──────── Dataset content ────────

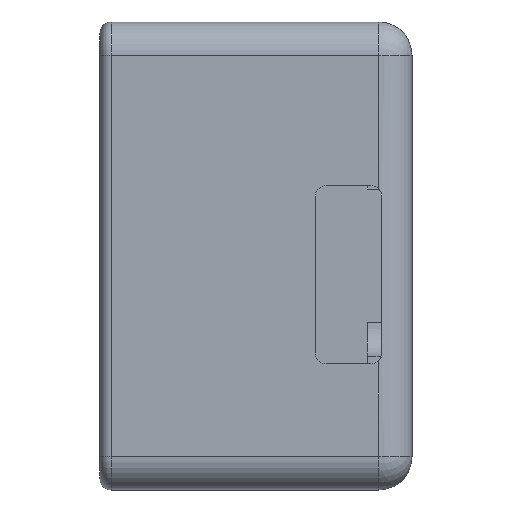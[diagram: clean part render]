
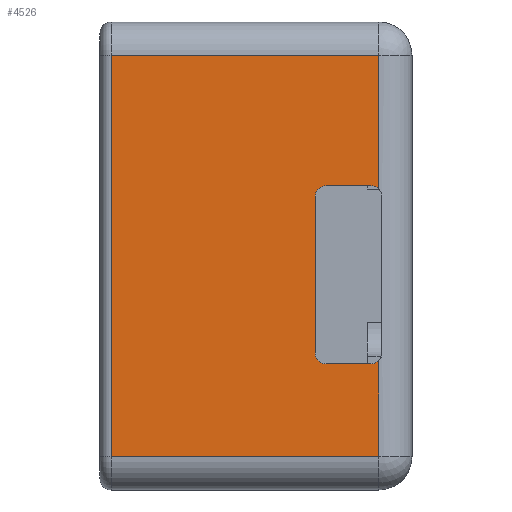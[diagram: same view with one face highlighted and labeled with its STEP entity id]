
A CAD part, left-side view. The second image highlights one B-rep face of the part: STEP entity #4526.
In plain terms, the highlighted planar face has unit normal (-1, 0, 0).
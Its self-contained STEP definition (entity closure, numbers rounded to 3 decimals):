
#969=CARTESIAN_POINT('',(-39.,3.7,5.317));
#970=DIRECTION('',(1.,0.,0.));
#971=DIRECTION('',(0.,0.,1.));
#972=AXIS2_PLACEMENT_3D('',#969,#970,#971);
#1554=DIRECTION('',(0.,1.,0.));
#1555=VECTOR('',#1554,4.);
#1556=CARTESIAN_POINT('',(-39.,3.7,-9.683));
#1557=LINE('',#1556,#1555);
#1558=DIRECTION('',(0.,-1.,0.));
#1559=VECTOR('',#1558,24.);
#1560=CARTESIAN_POINT('',(-39.,27.,-18.));
#1561=LINE('',#1560,#1559);
#1562=DIRECTION('',(0.,0.,1.));
#1563=VECTOR('',#1562,36.);
#1564=CARTESIAN_POINT('',(-39.,27.,-18.));
#1565=LINE('',#1564,#1563);
#1566=DIRECTION('',(0.,-1.,0.));
#1567=VECTOR('',#1566,24.);
#1568=CARTESIAN_POINT('',(-39.,27.,18.));
#1569=LINE('',#1568,#1567);
#1570=DIRECTION('',(0.,1.,0.));
#1571=VECTOR('',#1570,4.);
#1572=CARTESIAN_POINT('',(-39.,3.7,6.317));
#1573=LINE('',#1572,#1571);
#1574=DIRECTION('',(0.,0.,-1.));
#1575=VECTOR('',#1574,14.);
#1576=CARTESIAN_POINT('',(-39.,8.7,5.317));
#1577=LINE('',#1576,#1575);
#1586=CARTESIAN_POINT('',(-39.,7.7,-8.683));
#1587=DIRECTION('',(1.,0.,0.));
#1588=DIRECTION('',(0.,0.,-1.));
#1589=AXIS2_PLACEMENT_3D('',#1586,#1587,#1588);
#1604=CARTESIAN_POINT('',(-39.,7.7,5.317));
#1605=DIRECTION('',(1.,0.,0.));
#1606=DIRECTION('',(0.,1.,0.));
#1607=AXIS2_PLACEMENT_3D('',#1604,#1605,#1606);
#1627=CARTESIAN_POINT('',(-39.,3.,-9.397));
#1629=CARTESIAN_POINT('',(-39.,3.7,-8.683));
#1630=DIRECTION('',(1.,0.,0.));
#1631=DIRECTION('',(0.,-0.7,-0.714));
#1632=AXIS2_PLACEMENT_3D('',#1629,#1630,#1631);
#1638=DIRECTION('',(0.,0.,1.));
#1639=VECTOR('',#1638,11.969);
#1640=CARTESIAN_POINT('',(-39.,3.,6.031));
#1641=LINE('',#1640,#1639);
#1647=DIRECTION('',(0.,0.,1.));
#1648=VECTOR('',#1647,8.603);
#1649=CARTESIAN_POINT('',(-39.,3.,-18.));
#1650=LINE('',#1649,#1648);
#2398=CARTESIAN_POINT('',(-39.,3.,18.));
#2400=VERTEX_POINT('',#2398);
#2403=CARTESIAN_POINT('',(-39.,3.,-18.));
#2405=VERTEX_POINT('',#2403);
#2507=CARTESIAN_POINT('',(-39.,27.,-18.));
#2508=VERTEX_POINT('',#2507);
#2511=CARTESIAN_POINT('',(-39.,27.,18.));
#2512=VERTEX_POINT('',#2511);
#2575=CARTESIAN_POINT('',(-39.,7.7,-9.683));
#2577=VERTEX_POINT('',#2575);
#2579=CARTESIAN_POINT('',(-39.,8.7,-8.683));
#2581=VERTEX_POINT('',#2579);
#2587=CARTESIAN_POINT('',(-39.,3.7,-9.683));
#2589=VERTEX_POINT('',#2587);
#2595=CARTESIAN_POINT('',(-39.,3.7,6.317));
#2596=VERTEX_POINT('',#2595);
#2601=CARTESIAN_POINT('',(-39.,8.7,5.317));
#2603=VERTEX_POINT('',#2601);
#2605=CARTESIAN_POINT('',(-39.,7.7,6.317));
#2607=VERTEX_POINT('',#2605);
#2609=VERTEX_POINT('',#1627);
#2610=CARTESIAN_POINT('',(-39.,3.,6.031));
#2611=VERTEX_POINT('',#2610);
#4498=CARTESIAN_POINT('',(-39.,0.,-21.));
#4499=DIRECTION('',(-1.,0.,0.));
#4500=DIRECTION('',(0.,0.,1.));
#4501=AXIS2_PLACEMENT_3D('',#4498,#4499,#4500);
#4502=PLANE('',#4501);
#4504=ORIENTED_EDGE('',*,*,#4503,.F.);
#4506=ORIENTED_EDGE('',*,*,#4505,.F.);
#4508=ORIENTED_EDGE('',*,*,#4507,.F.);
#4510=ORIENTED_EDGE('',*,*,#4509,.F.);
#4511=ORIENTED_EDGE('',*,*,#4492,.T.);
#4512=ORIENTED_EDGE('',*,*,#3493,.T.);
#4514=ORIENTED_EDGE('',*,*,#4513,.F.);
#4515=ORIENTED_EDGE('',*,*,#3793,.F.);
#4517=ORIENTED_EDGE('',*,*,#4516,.T.);
#4519=ORIENTED_EDGE('',*,*,#4518,.F.);
#4521=ORIENTED_EDGE('',*,*,#4520,.T.);
#4523=ORIENTED_EDGE('',*,*,#4522,.F.);
#4524=EDGE_LOOP('',(#4504,#4506,#4508,#4510,#4511,#4512,#4514,#4515,#4517,#4519,
#4521,#4523));
#4525=FACE_OUTER_BOUND('',#4524,.F.);
#4526=ADVANCED_FACE('',(#4525),#4502,.T.);
#973=CIRCLE('',#972,1.);
#1590=CIRCLE('',#1589,1.);
#1608=CIRCLE('',#1607,1.);
#1633=CIRCLE('',#1632,1.);
#3493=EDGE_CURVE('',#2512,#2400,#1569,.T.);
#3793=EDGE_CURVE('',#2596,#2611,#973,.T.);
#4492=EDGE_CURVE('',#2508,#2512,#1565,.T.);
#4503=EDGE_CURVE('',#2589,#2577,#1557,.T.);
#4505=EDGE_CURVE('',#2609,#2589,#1633,.T.);
#4507=EDGE_CURVE('',#2405,#2609,#1650,.T.);
#4509=EDGE_CURVE('',#2508,#2405,#1561,.T.);
#4513=EDGE_CURVE('',#2611,#2400,#1641,.T.);
#4516=EDGE_CURVE('',#2596,#2607,#1573,.T.);
#4518=EDGE_CURVE('',#2603,#2607,#1608,.T.);
#4520=EDGE_CURVE('',#2603,#2581,#1577,.T.);
#4522=EDGE_CURVE('',#2577,#2581,#1590,.T.);

────────

### Directions
The records above are to be restated exactly, with all pictures omitted.

### Task result
[diagram: clean part render]
[diagram: same view with one face highlighted and labeled with its STEP entity id]
A CAD part, left-side view. The second image highlights one B-rep face of the part: STEP entity #4526.
In plain terms, the highlighted planar face has unit normal (-1, 0, 0).
Its self-contained STEP definition (entity closure, numbers rounded to 3 decimals):
#969=CARTESIAN_POINT('',(-39.,3.7,5.317));
#970=DIRECTION('',(1.,0.,0.));
#971=DIRECTION('',(0.,0.,1.));
#972=AXIS2_PLACEMENT_3D('',#969,#970,#971);
#1554=DIRECTION('',(0.,1.,0.));
#1555=VECTOR('',#1554,4.);
#1556=CARTESIAN_POINT('',(-39.,3.7,-9.683));
#1557=LINE('',#1556,#1555);
#1558=DIRECTION('',(0.,-1.,0.));
#1559=VECTOR('',#1558,24.);
#1560=CARTESIAN_POINT('',(-39.,27.,-18.));
#1561=LINE('',#1560,#1559);
#1562=DIRECTION('',(0.,0.,1.));
#1563=VECTOR('',#1562,36.);
#1564=CARTESIAN_POINT('',(-39.,27.,-18.));
#1565=LINE('',#1564,#1563);
#1566=DIRECTION('',(0.,-1.,0.));
#1567=VECTOR('',#1566,24.);
#1568=CARTESIAN_POINT('',(-39.,27.,18.));
#1569=LINE('',#1568,#1567);
#1570=DIRECTION('',(0.,1.,0.));
#1571=VECTOR('',#1570,4.);
#1572=CARTESIAN_POINT('',(-39.,3.7,6.317));
#1573=LINE('',#1572,#1571);
#1574=DIRECTION('',(0.,0.,-1.));
#1575=VECTOR('',#1574,14.);
#1576=CARTESIAN_POINT('',(-39.,8.7,5.317));
#1577=LINE('',#1576,#1575);
#1586=CARTESIAN_POINT('',(-39.,7.7,-8.683));
#1587=DIRECTION('',(1.,0.,0.));
#1588=DIRECTION('',(0.,0.,-1.));
#1589=AXIS2_PLACEMENT_3D('',#1586,#1587,#1588);
#1604=CARTESIAN_POINT('',(-39.,7.7,5.317));
#1605=DIRECTION('',(1.,0.,0.));
#1606=DIRECTION('',(0.,1.,0.));
#1607=AXIS2_PLACEMENT_3D('',#1604,#1605,#1606);
#1627=CARTESIAN_POINT('',(-39.,3.,-9.397));
#1629=CARTESIAN_POINT('',(-39.,3.7,-8.683));
#1630=DIRECTION('',(1.,0.,0.));
#1631=DIRECTION('',(0.,-0.7,-0.714));
#1632=AXIS2_PLACEMENT_3D('',#1629,#1630,#1631);
#1638=DIRECTION('',(0.,0.,1.));
#1639=VECTOR('',#1638,11.969);
#1640=CARTESIAN_POINT('',(-39.,3.,6.031));
#1641=LINE('',#1640,#1639);
#1647=DIRECTION('',(0.,0.,1.));
#1648=VECTOR('',#1647,8.603);
#1649=CARTESIAN_POINT('',(-39.,3.,-18.));
#1650=LINE('',#1649,#1648);
#2398=CARTESIAN_POINT('',(-39.,3.,18.));
#2400=VERTEX_POINT('',#2398);
#2403=CARTESIAN_POINT('',(-39.,3.,-18.));
#2405=VERTEX_POINT('',#2403);
#2507=CARTESIAN_POINT('',(-39.,27.,-18.));
#2508=VERTEX_POINT('',#2507);
#2511=CARTESIAN_POINT('',(-39.,27.,18.));
#2512=VERTEX_POINT('',#2511);
#2575=CARTESIAN_POINT('',(-39.,7.7,-9.683));
#2577=VERTEX_POINT('',#2575);
#2579=CARTESIAN_POINT('',(-39.,8.7,-8.683));
#2581=VERTEX_POINT('',#2579);
#2587=CARTESIAN_POINT('',(-39.,3.7,-9.683));
#2589=VERTEX_POINT('',#2587);
#2595=CARTESIAN_POINT('',(-39.,3.7,6.317));
#2596=VERTEX_POINT('',#2595);
#2601=CARTESIAN_POINT('',(-39.,8.7,5.317));
#2603=VERTEX_POINT('',#2601);
#2605=CARTESIAN_POINT('',(-39.,7.7,6.317));
#2607=VERTEX_POINT('',#2605);
#2609=VERTEX_POINT('',#1627);
#2610=CARTESIAN_POINT('',(-39.,3.,6.031));
#2611=VERTEX_POINT('',#2610);
#4498=CARTESIAN_POINT('',(-39.,0.,-21.));
#4499=DIRECTION('',(-1.,0.,0.));
#4500=DIRECTION('',(0.,0.,1.));
#4501=AXIS2_PLACEMENT_3D('',#4498,#4499,#4500);
#4502=PLANE('',#4501);
#4504=ORIENTED_EDGE('',*,*,#4503,.F.);
#4506=ORIENTED_EDGE('',*,*,#4505,.F.);
#4508=ORIENTED_EDGE('',*,*,#4507,.F.);
#4510=ORIENTED_EDGE('',*,*,#4509,.F.);
#4511=ORIENTED_EDGE('',*,*,#4492,.T.);
#4512=ORIENTED_EDGE('',*,*,#3493,.T.);
#4514=ORIENTED_EDGE('',*,*,#4513,.F.);
#4515=ORIENTED_EDGE('',*,*,#3793,.F.);
#4517=ORIENTED_EDGE('',*,*,#4516,.T.);
#4519=ORIENTED_EDGE('',*,*,#4518,.F.);
#4521=ORIENTED_EDGE('',*,*,#4520,.T.);
#4523=ORIENTED_EDGE('',*,*,#4522,.F.);
#4524=EDGE_LOOP('',(#4504,#4506,#4508,#4510,#4511,#4512,#4514,#4515,#4517,#4519,
#4521,#4523));
#4525=FACE_OUTER_BOUND('',#4524,.F.);
#4526=ADVANCED_FACE('',(#4525),#4502,.T.);
#973=CIRCLE('',#972,1.);
#1590=CIRCLE('',#1589,1.);
#1608=CIRCLE('',#1607,1.);
#1633=CIRCLE('',#1632,1.);
#3493=EDGE_CURVE('',#2512,#2400,#1569,.T.);
#3793=EDGE_CURVE('',#2596,#2611,#973,.T.);
#4492=EDGE_CURVE('',#2508,#2512,#1565,.T.);
#4503=EDGE_CURVE('',#2589,#2577,#1557,.T.);
#4505=EDGE_CURVE('',#2609,#2589,#1633,.T.);
#4507=EDGE_CURVE('',#2405,#2609,#1650,.T.);
#4509=EDGE_CURVE('',#2508,#2405,#1561,.T.);
#4513=EDGE_CURVE('',#2611,#2400,#1641,.T.);
#4516=EDGE_CURVE('',#2596,#2607,#1573,.T.);
#4518=EDGE_CURVE('',#2603,#2607,#1608,.T.);
#4520=EDGE_CURVE('',#2603,#2581,#1577,.T.);
#4522=EDGE_CURVE('',#2577,#2581,#1590,.T.);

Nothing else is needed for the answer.